Cardella, ESRI’s lead product manager for mobile technology, said the phones are also capable of delivering professional-level GIS, which is why ESRI launched a smart-phone application and a software development kit (SDK) earlier this year. The app allows users to browse in ArcGIS Online map galleries, and it can be used to access and query data in your organization’s GIS services.
What’s more, applications can support data collection in the field, a critical capability for many government uses.
“We’re seeing enterprises now taking these devices and implementing them within their organizations,” Cardella said. That’s because not only are smart phones ultraportable, they’re relatively cheap. “They can break five or six devices and still pay less than a rugged laptop,” Cardella said. “These devices, to organizations, are almost becoming disposable."

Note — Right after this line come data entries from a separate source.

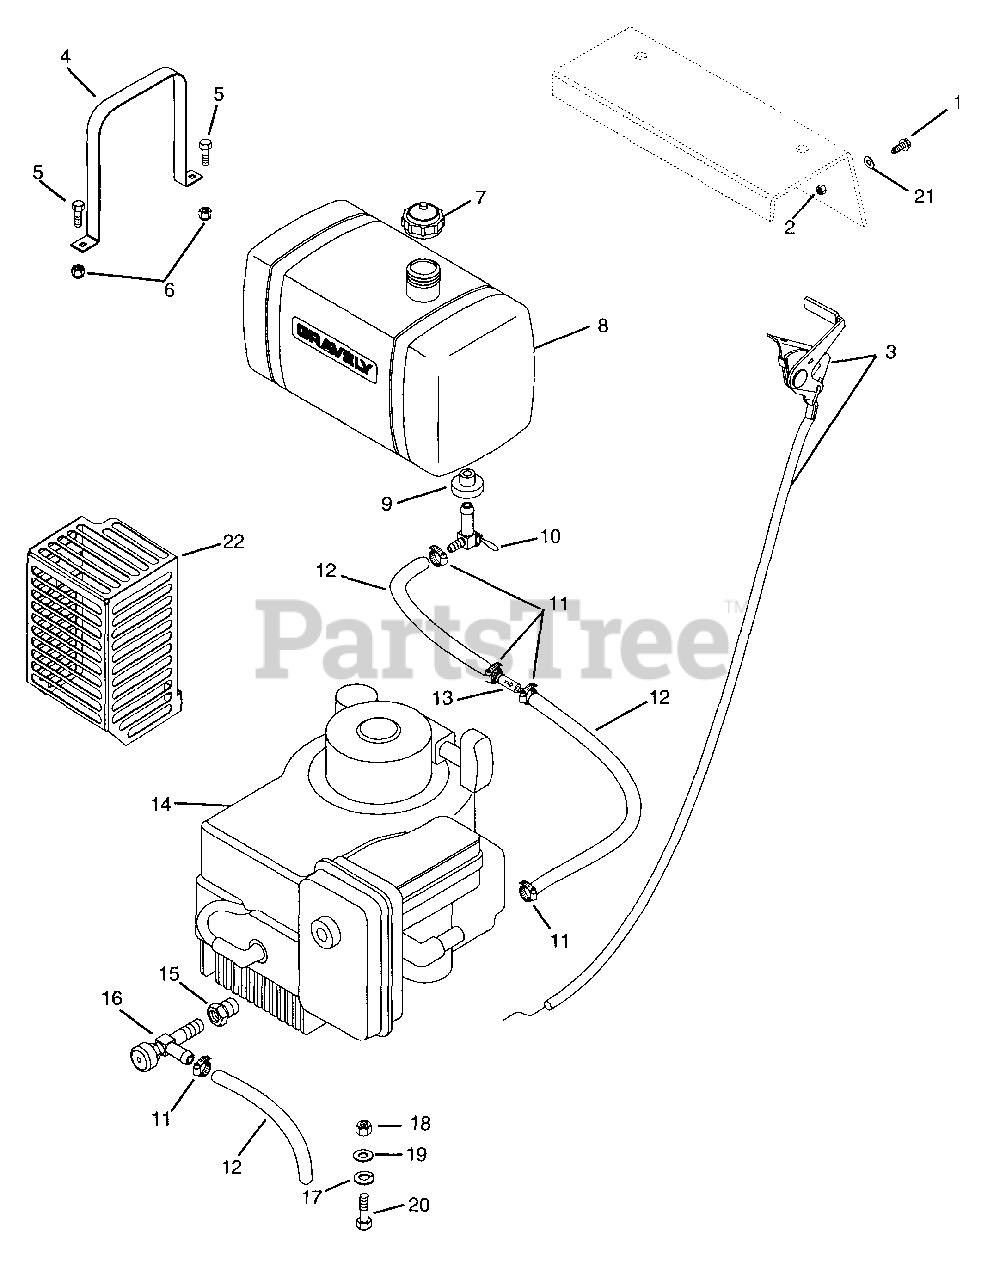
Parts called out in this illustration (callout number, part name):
1	Screw-Machine Hex Washer Head 10-24 x .50
2	Nut-Locking-Nylon 10-24 w/Insert
3	Cable-Throttle
4	Tank Strap for 4.5 G Fuel Tank
5	Bolt-Hex .25-20 x .75 Grade 5
6	Nut-Locking-Center .25-20
7	Cap-Fuel Tank
8	Fuel Tank 4.5 Gallon
9	Bushing-Flange .375 x 1.06 x .625
10	Valve-Ball Shut-Off
11	Hose Clamp
12	Gas Line-Bulk
13	Filter-Fuel
14	Engine-Kawasaki 12.5
14	Engine-14 HP Kawasaki
14	Engine 12.5 HP Tecumseh Recoil
15	Adapter-Oil Drain
16	Cock-Oil Drain
17	Washer-Lock .313 x .078
18	Nut-Locking-Center .31-18
19	Washer-Flat-Steel .344 x .688 x .065
20	Bolt-Hex M8 x 1.25 x 30 Grade 5
21	Washer-Flat-Steel .219 x .50 x .049
22	Muffler Guard (309)
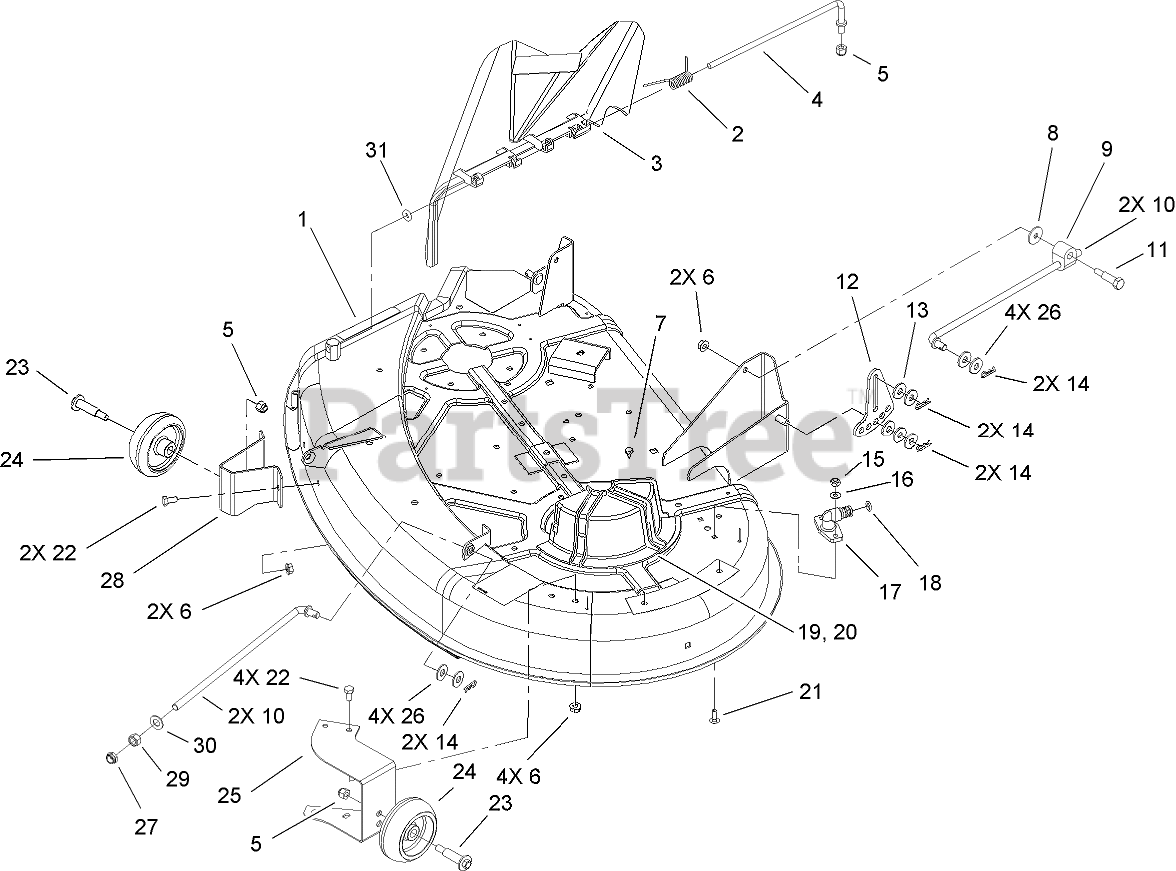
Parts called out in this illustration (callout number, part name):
1	38 INCH DECK ASM
2	SPRING
3	DEFLECTOR ASM
4	ROD-PIVOT
5	NUT-LOCK, NI
6	NUT-HF
7	SCREW-HWHTF
8	WASHER-PIVOT
9	TRUNNION-HOC
10	ROD-HANGER
11	SCREW-SHOULDER, HH
12	LINK-ADJUSTING, HOC
13	WASHER-HARDENED
14	PIN-HAIR
15	NUT-LOCK, NI
16	WASHER-FLAT
17	FITTING-WASHOUT
18	O-RING
19	GUIDE-BELT, LH
21	BOLT-CARR
22	SCREW-HH
23	SCREW-SHOULDER, HWH
24	WHEEL-GAGE
25	BRACKET-WHEEL, GAGE (FRONT, LH)
26	WASHER-FLAT
27	NUT-LOCK, NI
28	BRACKET-WHEEL, GAGE (FRONT, RH)
29	NUT-HEX
30	WASHER-FLAT
31	O-RING
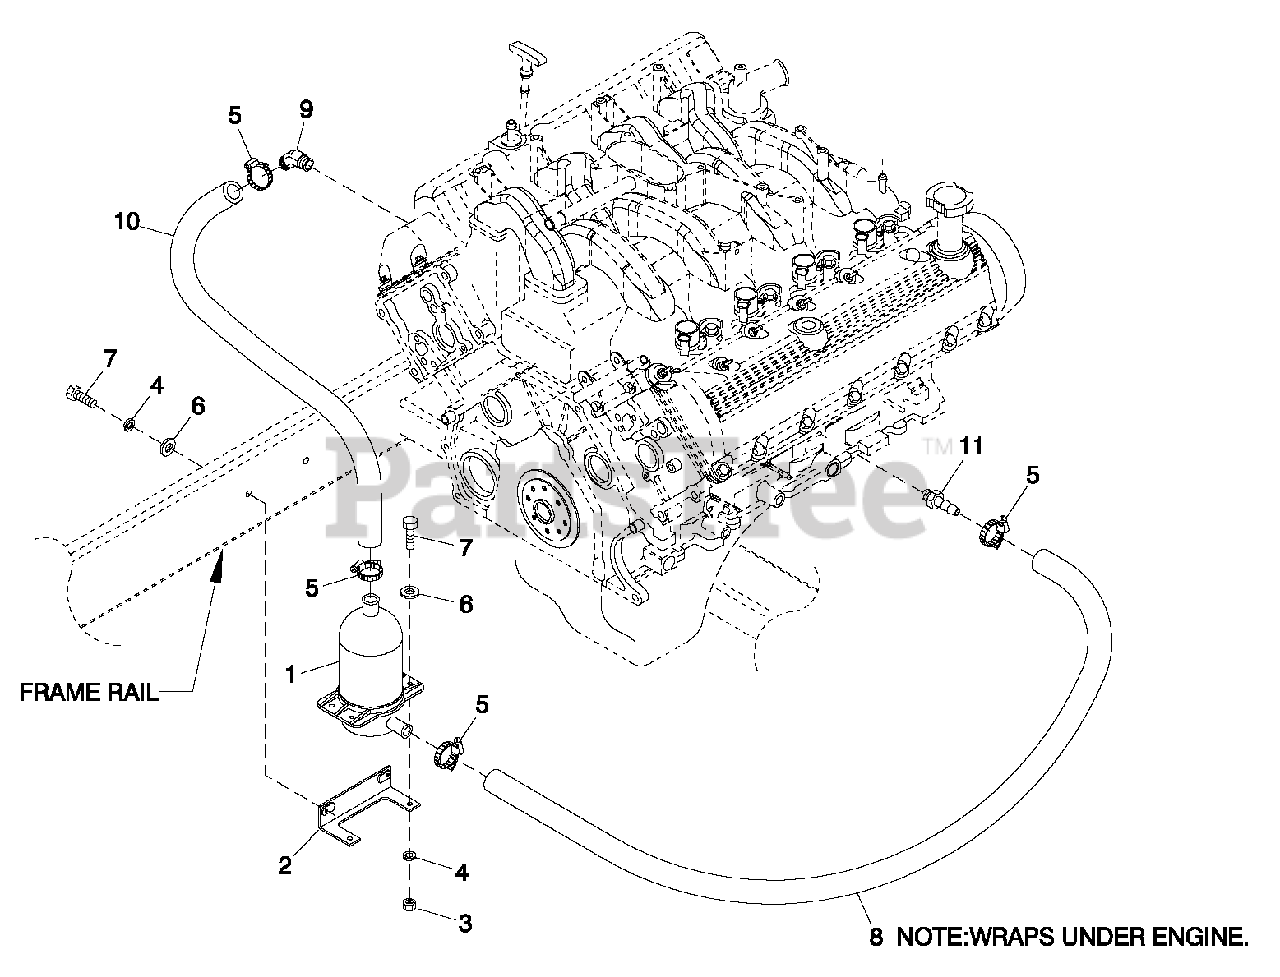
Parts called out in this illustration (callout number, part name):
1	HEATER BLOCK 2000W 240V
2	BRACKET HEATER W/WELDNUTS
3	NUT HEX M6X 1.0 G8YEL CHR
4	WASHER LOCK M6-1/4
5	CLAMP HOSE #8.53-1.00
6	WASHER FLAT 1/4-M6 ZINC
7	SCREW HHC M6-1.0X 20 G8.8
8	HOSE COOL 5/8 ID 20R3 (24" LG)
9	BARBED EL 45 3/8 NPT X 5/8 OD
10	HOSE PREFORMED BLOCK HEATER
11	BARBED STR 3/8 NPT X 5/8

Still, smart phones are not likely to completely replace bulkier devices for GIS, at least in the near future. Cardella said a dedicated portable GIS device can pin down data points to within 10 centimeters, while a cell phone could be off by as much as five meters. “Enterprises that are going out and mapping their assets need that high-accuracy GPS,” Cardella said. “But for organizations that already have their assets mapped and who just need to go out and update the status of them, cell phone accuracy is fine.”
Crowdsourcing
Moreover, agencies don’t necessarily need to do their own application development to take advantage of new cell phone GIS capabilities. Firms such as CitySourced are appearing to help bridge the technologies.
CitySourced, based in Los Angeles, offers a platform that allows cities to collect location-sensitive data from users. For example, reports of potholes or damaged signage might be routed to the public works department, while reports of vandalism can be directed to the police department.
“Our system leverages the camera and the GPS in the mobile phone,” said Kurt Daradics, CitySourced’s director of business development. “You can snap a photo and select a report list — vandalism, broken street light, water main break, trash — and CitySourced takes the report and sends it where it needs to go.”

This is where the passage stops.